» **Task to carry out**: Give the number of lines in the data that hold the word "cuts", and nothing else.
(Beginning of Source information)
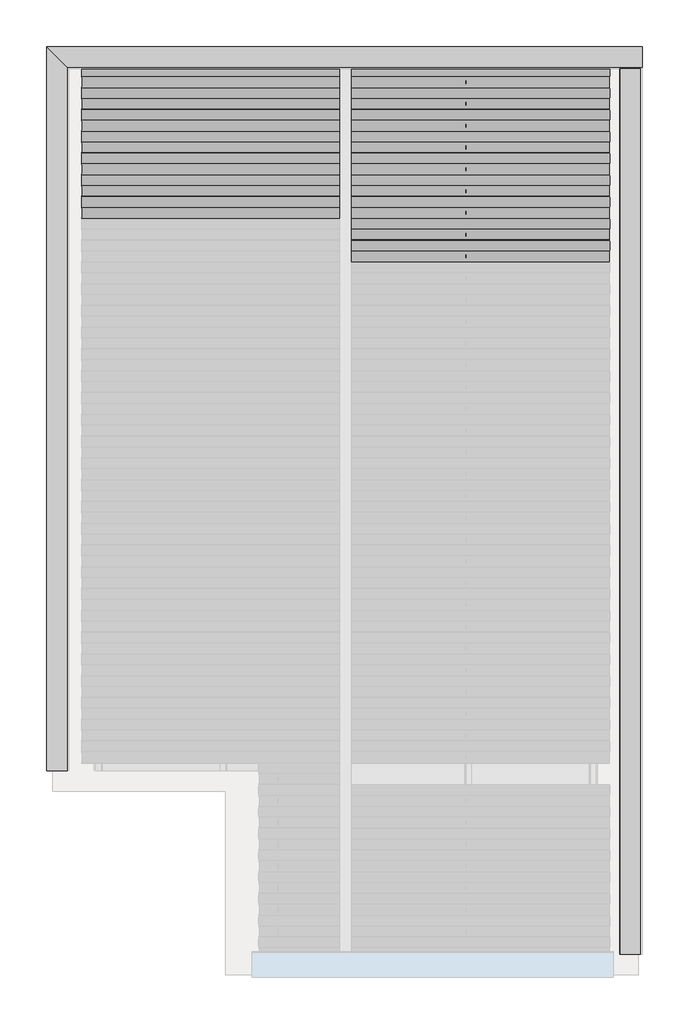
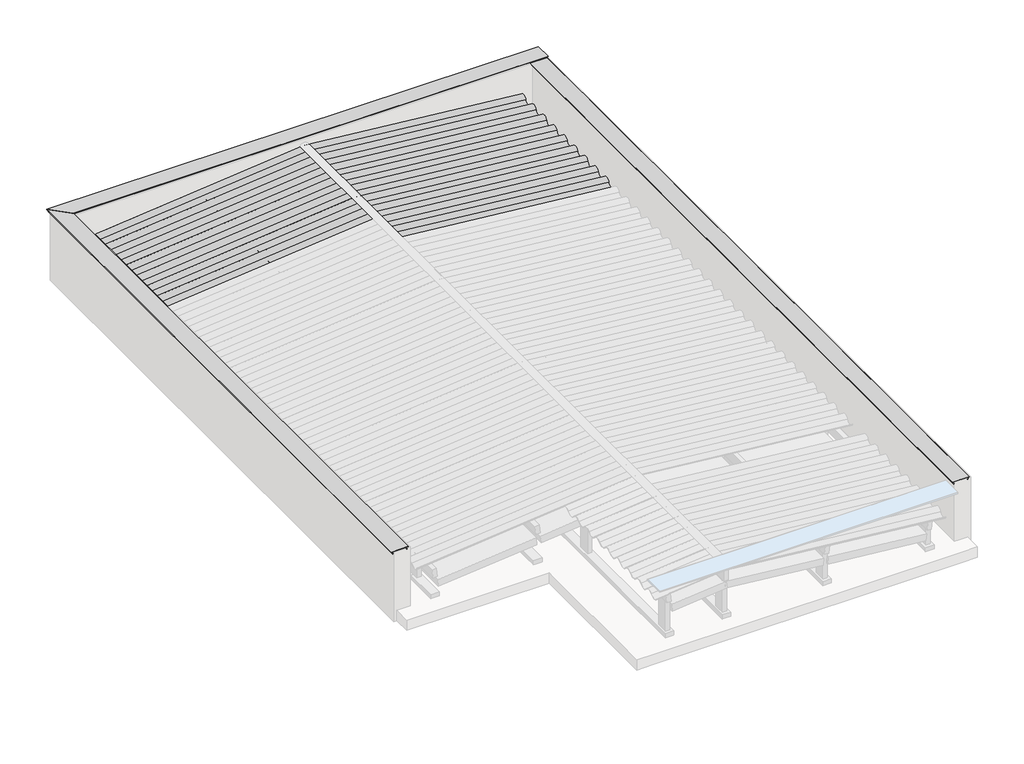
# One storey, part 4 of 4: 23 beams, 10 columns, 1 proxy.
"""IFC4 building model written with IfcOpenShell, lengths in millimetres."""

import ifcopenshell
import ifcopenshell.guid

model = None  # the IFC model being written
_history = None  # IfcOwnerHistory: only IFC2X3 demands one
_inside = {}  # id of a spatial element -> (the spatial element, [elements in it])
_under = {}  # id of a project, library or spatial element -> (it, [spatial elements below it])
_declared = {}  # id of a project -> (the project, [libraries it declares])
_typed = {}  # id of a type object -> (the type object, [elements of that type])
_made_of = {}  # id of a material, layer set ... -> (it, [elements and type objects made of it])


def new_model(schema):
    """Start an empty IFC model of exactly this schema.

    Asked for "IFC4X3", IfcOpenShell would pick the latest addendum, in which some entities
    have other attributes; the version numbers below select the first issue.
    IFC2X3 requires an IfcOwnerHistory on every rooted entity: one is made here for all.
    """
    global model, _history
    if schema == "IFC4X3":
        model = ifcopenshell.file(schema_version=(4, 3, 0, 0))
    else:
        model = ifcopenshell.file(schema=schema)
    _inside.clear()
    _under.clear()
    _declared.clear()
    _typed.clear()
    _made_of.clear()
    _history = None
    if model.schema == "IFC2X3":
        org = make("IfcOrganization", Name="unknown")
        user = make(
            "IfcPersonAndOrganization",
            ThePerson=make("IfcPerson", FamilyName="unknown"),
            TheOrganization=org,
        )
        app = make(
            "IfcApplication",
            ApplicationDeveloper=org,
            Version="unknown",
            ApplicationFullName="unknown",
            ApplicationIdentifier="unknown",
        )
        _history = make(
            "IfcOwnerHistory",
            OwningUser=user,
            OwningApplication=app,
            ChangeAction="ADDED",
            CreationDate=0,
        )
    return model


def make(cls, **values):
    """One entity of the class cls with the attributes given. An attribute that is None is left unset."""
    return model.create_entity(
        cls, **{name: value for name, value in values.items() if value is not None}
    )


def rooted(cls, **values):
    """An entity with a GlobalId (a new one), such as an element, a storey or a relation."""
    return make(cls, GlobalId=ifcopenshell.guid.new(), OwnerHistory=_history, **values)


def si_unit(unit_type, name, prefix=None):
    """IfcSIUnit, for example si_unit("LENGTHUNIT", "METRE", prefix="MILLI")."""
    return make("IfcSIUnit", UnitType=unit_type, Prefix=prefix, Name=name)


def assignment(units):
    """IfcUnitAssignment: the units of a project."""
    return None if units is None else make("IfcUnitAssignment", Units=units)


def point(xyz):
    """IfcCartesianPoint."""
    return None if xyz is None else make("IfcCartesianPoint", Coordinates=xyz)


def direction(xyz):
    """IfcDirection."""
    return None if xyz is None else make("IfcDirection", DirectionRatios=xyz)


def frame(location, z_axis=None, x_axis=None):
    """IfcAxis2Placement3D, a coordinate frame: its origin and axes. An axis left out is left unset."""
    return make(
        "IfcAxis2Placement3D",
        Location=point(location),
        Axis=direction(z_axis),
        RefDirection=direction(x_axis),
    )


def frame_2d(location, x_axis=None):
    """IfcAxis2Placement2D, a coordinate frame in the plane: its origin and x axis."""
    return make(
        "IfcAxis2Placement2D", Location=point(location), RefDirection=direction(x_axis)
    )


def origin():
    """The frame at (0, 0, 0) with its axes left unset."""
    return frame((0.0, 0.0, 0.0))


def place(relative_to, where):
    """IfcLocalPlacement: puts the frame where relative to a parent placement (None: the world)."""
    return make(
        "IfcLocalPlacement", PlacementRelTo=relative_to, RelativePlacement=where
    )


def context(
    kind, dimensions, precision=None, world=None, true_north=None, identifier=None
):
    """IfcGeometricRepresentationContext, for example the 3D "Model" context."""
    return make(
        "IfcGeometricRepresentationContext",
        ContextIdentifier=identifier,
        ContextType=kind,
        CoordinateSpaceDimension=dimensions,
        Precision=precision,
        WorldCoordinateSystem=world,
        TrueNorth=true_north,
    )


def project(units=None, contexts=None):
    """IfcProject with its units and contexts."""
    return rooted(
        "IfcProject",
        Name="project",
        RepresentationContexts=contexts,
        UnitsInContext=assignment(units),
    )


def spatial(cls, under=None, at=None, **own):
    """A site, building, storey or space (cls), placed at a placement, below another one or the project."""
    s = rooted(cls, ObjectPlacement=at, **own)
    if under is not None:
        _under.setdefault(under.id(), (under, []))[1].append(s)
    return s


def polyline(points):
    """IfcPolyline through the points."""
    return make("IfcPolyline", Points=[point(p) for p in points])


def circle_curve(where, radius):
    """IfcCircle in the frame where."""
    return make("IfcCircle", Position=where, Radius=radius)


def ellipse_curve(where, semi_axis1, semi_axis2):
    """IfcEllipse in the frame where."""
    return make(
        "IfcEllipse", Position=where, SemiAxis1=semi_axis1, SemiAxis2=semi_axis2
    )


def trimmed(basis, trim1, trim2, sense, master):
    """IfcTrimmedCurve: the piece of a basis curve between two trims."""
    return make(
        "IfcTrimmedCurve",
        BasisCurve=basis,
        Trim1=trim1,
        Trim2=trim2,
        SenseAgreement=sense,
        MasterRepresentation=master,
    )


def segment(curve, same_sense, transition):
    """IfcCompositeCurveSegment."""
    return make(
        "IfcCompositeCurveSegment",
        Transition=transition,
        SameSense=same_sense,
        ParentCurve=curve,
    )


def composite_curve(segments, self_intersect=None):
    """IfcCompositeCurve: segments joined end to end."""
    return make("IfcCompositeCurve", Segments=segments, SelfIntersect=self_intersect)


def outline(outer, holes=None, kind="AREA"):
    """IfcArbitraryClosedProfileDef: a profile drawn as a closed curve; with holes, ...WithVoids."""
    if holes is None:
        return make("IfcArbitraryClosedProfileDef", ProfileType=kind, OuterCurve=outer)
    return make(
        "IfcArbitraryProfileDefWithVoids",
        ProfileType=kind,
        OuterCurve=outer,
        InnerCurves=holes,
    )


def extrude(swept, where, along, depth):
    """IfcExtrudedAreaSolid: the profile swept, set in the frame where, extruded along a direction by depth."""
    return make(
        "IfcExtrudedAreaSolid",
        SweptArea=swept,
        Position=where,
        ExtrudedDirection=direction(along),
        Depth=depth,
    )


def faces_of(points, faces, orient=None, outer=None):
    """IfcFace entities. A face is a list of loops; a loop is a list of indices into points, from 0.

    orient and outer hold one flag for each loop. By default every Orientation is true, the
    first loop of a face is its IfcFaceOuterBound and the others are IfcFaceBound.
    """
    made = []
    for i, loops in enumerate(faces):
        bounds = []
        for j, loop in enumerate(loops):
            is_outer = j == 0 if outer is None else outer[i][j]
            bounds.append(
                make(
                    "IfcFaceOuterBound" if is_outer else "IfcFaceBound",
                    Bound=make("IfcPolyLoop", Polygon=[points[k] for k in loop]),
                    Orientation=True if orient is None else orient[i][j],
                )
            )
        made.append(make("IfcFace", Bounds=bounds))
    return made


def faceted_brep(points, faces, orient=None, outer=None, voids=None):
    """IfcFacetedBrep: a solid bounded by flat faces; with voids (closed shells), ...WithVoids."""
    shared = [point(p) for p in points]
    hull = make("IfcClosedShell", CfsFaces=faces_of(shared, faces, orient, outer))
    if voids is None:
        return make("IfcFacetedBrep", Outer=hull)
    return make(
        "IfcFacetedBrepWithVoids",
        Outer=hull,
        Voids=[
            make(cls, CfsFaces=faces_of(shared, fs, o, b)) for cls, fs, o, b in voids
        ],
    )


def shape(context_of_items, identifier, shape_type, items):
    """IfcShapeRepresentation: the items that make up one representation, for example the "Body"."""
    return make(
        "IfcShapeRepresentation",
        ContextOfItems=context_of_items,
        RepresentationIdentifier=identifier,
        RepresentationType=shape_type,
        Items=items,
    )


def source(mapping_origin, context_of_items, identifier, shape_type, items):
    """IfcRepresentationMap: a shape defined once, which mapped items show again and again."""
    return make(
        "IfcRepresentationMap",
        MappingOrigin=mapping_origin,
        MappedRepresentation=shape(context_of_items, identifier, shape_type, items),
    )


def transform(
    local_origin,
    x_axis=None,
    y_axis=None,
    z_axis=None,
    scale=None,
    scale2=None,
    scale3=None,
    uniform=True,
):
    """IfcCartesianTransformationOperator3D, or its non-uniform kind. x_axis, y_axis, z_axis: its Axis1, 2, 3."""
    if uniform:
        return make(
            "IfcCartesianTransformationOperator3D",
            Axis1=direction(x_axis),
            Axis2=direction(y_axis),
            LocalOrigin=point(local_origin),
            Scale=scale,
            Axis3=direction(z_axis),
        )
    return make(
        "IfcCartesianTransformationOperator3DnonUniform",
        Axis1=direction(x_axis),
        Axis2=direction(y_axis),
        LocalOrigin=point(local_origin),
        Scale=scale,
        Axis3=direction(z_axis),
        Scale2=scale2,
        Scale3=scale3,
    )


def mapped(mapping_source, mapping_target):
    """IfcMappedItem: shows the shape of a source again, moved by a transform."""
    return make(
        "IfcMappedItem", MappingSource=mapping_source, MappingTarget=mapping_target
    )


def made_of(thing, what):
    """Note that an element or type object is made of a material, layer set ...; save() writes the relation."""
    if what is not None:
        _made_of.setdefault(what.id(), (what, []))[1].append(thing)
    return thing


def element(
    cls,
    number,
    at=None,
    inside=None,
    cuts=None,
    type_object=None,
    material=None,
    context=None,
    identifier="Body",
    shape_type=None,
    held_by="IfcProductDefinitionShape",
    body=None,
    shapes=None,
    **own,
):
    """One element of the class cls, such as IfcWall. Its Tag is "e" and its number.

    at: its placement. inside: the storey or other place that contains it. cuts: it is an
    opening in that element (IfcRelVoidsElement). A single representation is given by context,
    identifier, shape_type and body (its items); several are given by shapes. held_by: the class
    of the entity that holds the representations. save() writes the other relations.
    """
    e = rooted(cls, Tag="e%d" % number, ObjectPlacement=at, **own)
    if body is not None:
        shapes = [shape(context, identifier, shape_type, body)]
    if shapes is not None:
        e.Representation = make(held_by, Representations=shapes)
    if inside is not None:
        _inside.setdefault(inside.id(), (inside, []))[1].append(e)
    if cuts is not None:
        rooted(
            "IfcRelVoidsElement", RelatingBuildingElement=cuts, RelatedOpeningElement=e
        )
    if type_object is not None:
        _typed.setdefault(type_object.id(), (type_object, []))[1].append(e)
    return made_of(e, material)


def aggregate(whole, parts):
    """IfcRelAggregates: a whole, such as a stair, and the parts it consists of."""
    return rooted("IfcRelAggregates", RelatingObject=whole, RelatedObjects=parts)


def save(model, path):
    """Write the relations noted so far, then the file.

    IfcRelAggregates (storeys below a building ...), IfcRelContainedInSpatialStructure (elements
    in a storey), IfcRelDefinesByType, IfcRelAssociatesMaterial and IfcRelDeclares: one each for
    every whole, place, type object, material and project.
    """
    for whole, parts in _under.values():
        aggregate(whole, parts)
    for where, things in _inside.values():
        rooted(
            "IfcRelContainedInSpatialStructure",
            RelatedElements=things,
            RelatingStructure=where,
        )
    for kind, things in _typed.values():
        rooted("IfcRelDefinesByType", RelatedObjects=things, RelatingType=kind)
    for what, things in _made_of.values():
        rooted("IfcRelAssociatesMaterial", RelatedObjects=things, RelatingMaterial=what)
    for by, libraries in _declared.values():
        rooted("IfcRelDeclares", RelatingContext=by, RelatedDefinitions=libraries)
    model.write(path)


def plane_surface(at):
    """IfcPlane: the flat surface through the origin of the frame at, square to its z axis."""
    return make("IfcPlane", Position=at)


def cylinder_surface(at, radius):
    """IfcCylindricalSurface: all points at the distance radius from the z axis of the frame at."""
    return make("IfcCylindricalSurface", Position=at, Radius=radius)


def revolved_surface(curve, axis_point, axis_direction):
    """IfcSurfaceOfRevolution: the curve turned about the line through axis_point along axis_direction."""
    return make(
        "IfcSurfaceOfRevolution",
        SweptCurve=make("IfcArbitraryOpenProfileDef", ProfileType="CURVE", Curve=curve),
        AxisPosition=make("IfcAxis1Placement", Location=point(axis_point), Axis=direction(axis_direction)),
    )


def advanced_brep(points, edges, surfaces, faces):
    """IfcAdvancedBrep: a solid bounded by faces that lie on surfaces and meet in shared edges.

    An edge is (start, end): straight between two places in points (the first is 0);
    or (start, end, curve); or (start, end, curve, False) where it runs against its curve.
    A face is (place in surfaces, loops), or (place, loops, False) where it looks against
    its surface's normal. A loop lists edges by number (the first is 1), with a minus sign
    where the edge is run from its end to its start. The first loop is the outer one.
    """
    corners = [point(p) for p in points]
    vertices = [make("IfcVertexPoint", VertexGeometry=c) for c in corners]
    made = []
    for start, end, *more in edges:
        made.append(
            make(
                "IfcEdgeCurve",
                EdgeStart=vertices[start],
                EdgeEnd=vertices[end],
                EdgeGeometry=more[0] if more else make("IfcPolyline", Points=[corners[start], corners[end]]),
                SameSense=more[1] if len(more) > 1 else True,
            )
        )
    hull = []
    for where, loops, *sense in faces:
        bounds = []
        for j, loop in enumerate(loops):
            ring = [make("IfcOrientedEdge", EdgeElement=made[abs(k) - 1], Orientation=k > 0) for k in loop]
            bounds.append(
                make(
                    "IfcFaceOuterBound" if j == 0 else "IfcFaceBound",
                    Bound=make("IfcEdgeLoop", EdgeList=ring),
                    Orientation=True,
                )
            )
        hull.append(make("IfcAdvancedFace", Bounds=bounds, FaceSurface=surfaces[where], SameSense=sense[0] if sense else True))
    return make("IfcAdvancedBrep", Outer=make("IfcClosedShell", CfsFaces=hull))


def column_7d6827b5(model_context):
    return source(origin(), model_context, "Body", "SweptSolid", [
        extrude(outline(polyline([(30.0, 80.0), (30.0, -80.0), (-30.0, -80.0), (-30.0, 80.0), (30.0, 80.0)])), frame((0.0, 0.0, 4460.0), z_axis=(0.0, 0.0, 1.0), x_axis=(1.0, 0.0, 0.0)), (0.0, 0.0, 1.0), 466.0),
    ])


def column_c7348c99(model_context):
    return source(origin(), model_context, "Body", "SweptSolid", [
        extrude(outline(polyline([(30.0, 80.0), (30.0, -80.0), (-30.0, -80.0), (-30.0, 80.0), (30.0, 80.0)])), frame((0.0, 0.0, 4460.0), z_axis=(0.0, 0.0, 1.0), x_axis=(1.0, 0.0, 0.0)), (0.0, 0.0, 1.0), 372.8),
    ])


def column_6cc9e01b(model_context):
    return source(origin(), model_context, "Body", "SweptSolid", [
        extrude(outline(polyline([(30.0, 80.0), (30.0, -80.0), (-30.0, -80.0), (-30.0, 80.0), (30.0, 80.0)])), frame((0.0, 0.0, 4460.0), z_axis=(0.0, 0.0, 1.0), x_axis=(1.0, 0.0, 0.0)), (0.0, 0.0, 1.0), 233.0),
    ])


model = new_model("IFC4")

# Units and contexts
model_context = context("Model", 3, world=origin())
ifc_project = project(units=[si_unit("LENGTHUNIT", "METRE", prefix="MILLI")], contexts=[model_context])

# Site, building, storey
site = spatial("IfcSite", under=ifc_project)
building = spatial("IfcBuilding", under=site)
storey = spatial("IfcBuildingStorey", under=building, Name="COB. SALA ESTAR", Elevation=4400.0)

# Beams
placement = place(None, origin())
element("IfcBeam", 1, ObjectType="Madeira de lei : Berço 6x12cm", at=placement, inside=storey, context=model_context, shape_type="SweptSolid", body=[
    extrude(outline(polyline([(-3400.8557491, 5593.4722664), (-3280.8557491, 5593.4722664), (-3280.8557491, 4180.4300153), (-3400.8557491, 4180.4300153), (-3400.8557491, 5593.4722664)])), frame((0.0, 0.0, 4400.0), z_axis=(0.0, 0.0, 1.0), x_axis=(1.0, 0.0, 0.0)), (0.0, 0.0, 1.0), 60.0),
])
element("IfcBeam", 2, ObjectType="Madeira de lei : Berço 6x12cm", at=placement, inside=storey, context=model_context, shape_type="SweptSolid", body=[
    extrude(outline(polyline([(-2032.3324227, 4180.4300153), (-1912.3324227, 4180.4300153), (-1912.3324227, 2180.4300159), (-2032.3324227, 2180.4300159), (-2032.3324227, 4180.4300153)])), frame((0.0, 0.0, 4400.0), z_axis=(0.0, 0.0, 1.0), x_axis=(1.0, 0.0, 0.0)), (0.0, 0.0, 1.0), 60.0),
])
element("IfcBeam", 3, ObjectType="Madeira de lei : Berço 6x12cm", at=placement, inside=storey, context=model_context, shape_type="SweptSolid", body=[
    extrude(outline(polyline([(-2032.3324227, 5593.4722664), (-1912.3324227, 5593.4722664), (-1912.3324227, 4180.4300153), (-2032.3324227, 4180.4300153), (-2032.3324227, 5593.4722664)])), frame((0.0, 0.0, 4400.0), z_axis=(0.0, 0.0, 1.0), x_axis=(1.0, 0.0, 0.0)), (0.0, 0.0, 1.0), 60.0),
])
element("IfcBeam", 4, ObjectType="Madeira de lei : Berço 6x12cm", at=placement, inside=storey, context=model_context, shape_type="SweptSolid", body=[
    extrude(outline(polyline([(-634.0324227, 4180.4300153), (-514.0324227, 4180.4300153), (-514.0324227, 2180.4300159), (-634.0324227, 2180.4300159), (-634.0324227, 4180.4300153)])), frame((0.0, 0.0, 4400.0), z_axis=(0.0, 0.0, 1.0), x_axis=(1.0, 0.0, 0.0)), (0.0, 0.0, 1.0), 60.0),
])
element("IfcBeam", 5, ObjectType="Madeira de lei : Berço 6x12cm", at=placement, inside=storey, context=model_context, shape_type="SweptSolid", body=[
    extrude(outline(polyline([(-634.0324227, 5593.4722664), (-514.0324227, 5593.4722664), (-514.0324227, 4180.4300153), (-634.0324227, 4180.4300153), (-634.0324227, 5593.4722664)])), frame((0.0, 0.0, 4400.0), z_axis=(0.0, 0.0, 1.0), x_axis=(1.0, 0.0, 0.0)), (0.0, 0.0, 1.0), 60.0),
])
element("IfcBeam", 6, ObjectType="Madeira de lei : Berço 6x12cm", at=placement, inside=storey, context=model_context, shape_type="SweptSolid", body=[
    extrude(outline(polyline([(-6167.5301913, 5593.4722664), (-6047.5301913, 5593.4722664), (-6047.5301913, 4180.4300153), (-6167.5301913, 4180.4300153), (-6167.5301913, 5593.4722664)])), frame((0.0, 0.0, 4400.0), z_axis=(0.0, 0.0, 1.0), x_axis=(1.0, 0.0, 0.0)), (0.0, 0.0, 1.0), 60.0),
])
element("IfcBeam", 7, ObjectType="Madeira de lei : Berço 6x12cm", at=placement, inside=storey, context=model_context, shape_type="SweptSolid", body=[
    extrude(outline(polyline([(-4769.2301913, 5593.4722664), (-4649.2301913, 5593.4722664), (-4649.2301913, 4180.4300153), (-4769.2301913, 4180.4300153), (-4769.2301913, 5593.4722664)])), frame((0.0, 0.0, 4400.0), z_axis=(0.0, 0.0, 1.0), x_axis=(1.0, 0.0, 0.0)), (0.0, 0.0, 1.0), 60.0),
])
element("IfcBeam", 8, ObjectType="Telha Ondulada : Fibrocimento", at=placement, inside=storey, context=model_context, shape_type="SweptSolid", body=[
    extrude(outline(composite_curve([segment(trimmed(circle_curve(frame_2d((-58.7002978, -53.2060538)), 66.7939461), [point((-29.3501489, 6.7939462))], [point((-29.3501489, -113.2060538))], False, "CARTESIAN"), True, "CONTINUOUS"), segment(polyline([(-29.3501489, -113.2060538), (-31.5472154, -108.7146288)]), True, "CONTINUOUS"), segment(trimmed(circle_curve(frame_2d((-58.7002978, -53.2060538)), 61.7939461), [point((-31.5472154, -108.7146288))], [point((-31.5472154, 2.3025211))], True, "CARTESIAN"), True, "CONTINUOUS"), segment(trimmed(circle_curve(frame_2d((0.0, 66.7939462)), 71.7939461), [point((-31.5472154, 2.3025211))], [point((-31.5472154, 131.2853712))], False, "CARTESIAN"), True, "CONTINUOUS"), segment(polyline([(-31.5472154, 131.2853712), (-29.3501489, 126.7939462)]), True, "CONTINUOUS"), segment(trimmed(circle_curve(frame_2d((0.0, 66.7939462)), 66.7939461), [point((-29.3501489, 126.7939462))], [point((-29.3501489, 6.7939462))], True, "CARTESIAN"), True, "CONTINUOUS")], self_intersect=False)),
(End of Source information)
» **Answer box**: 4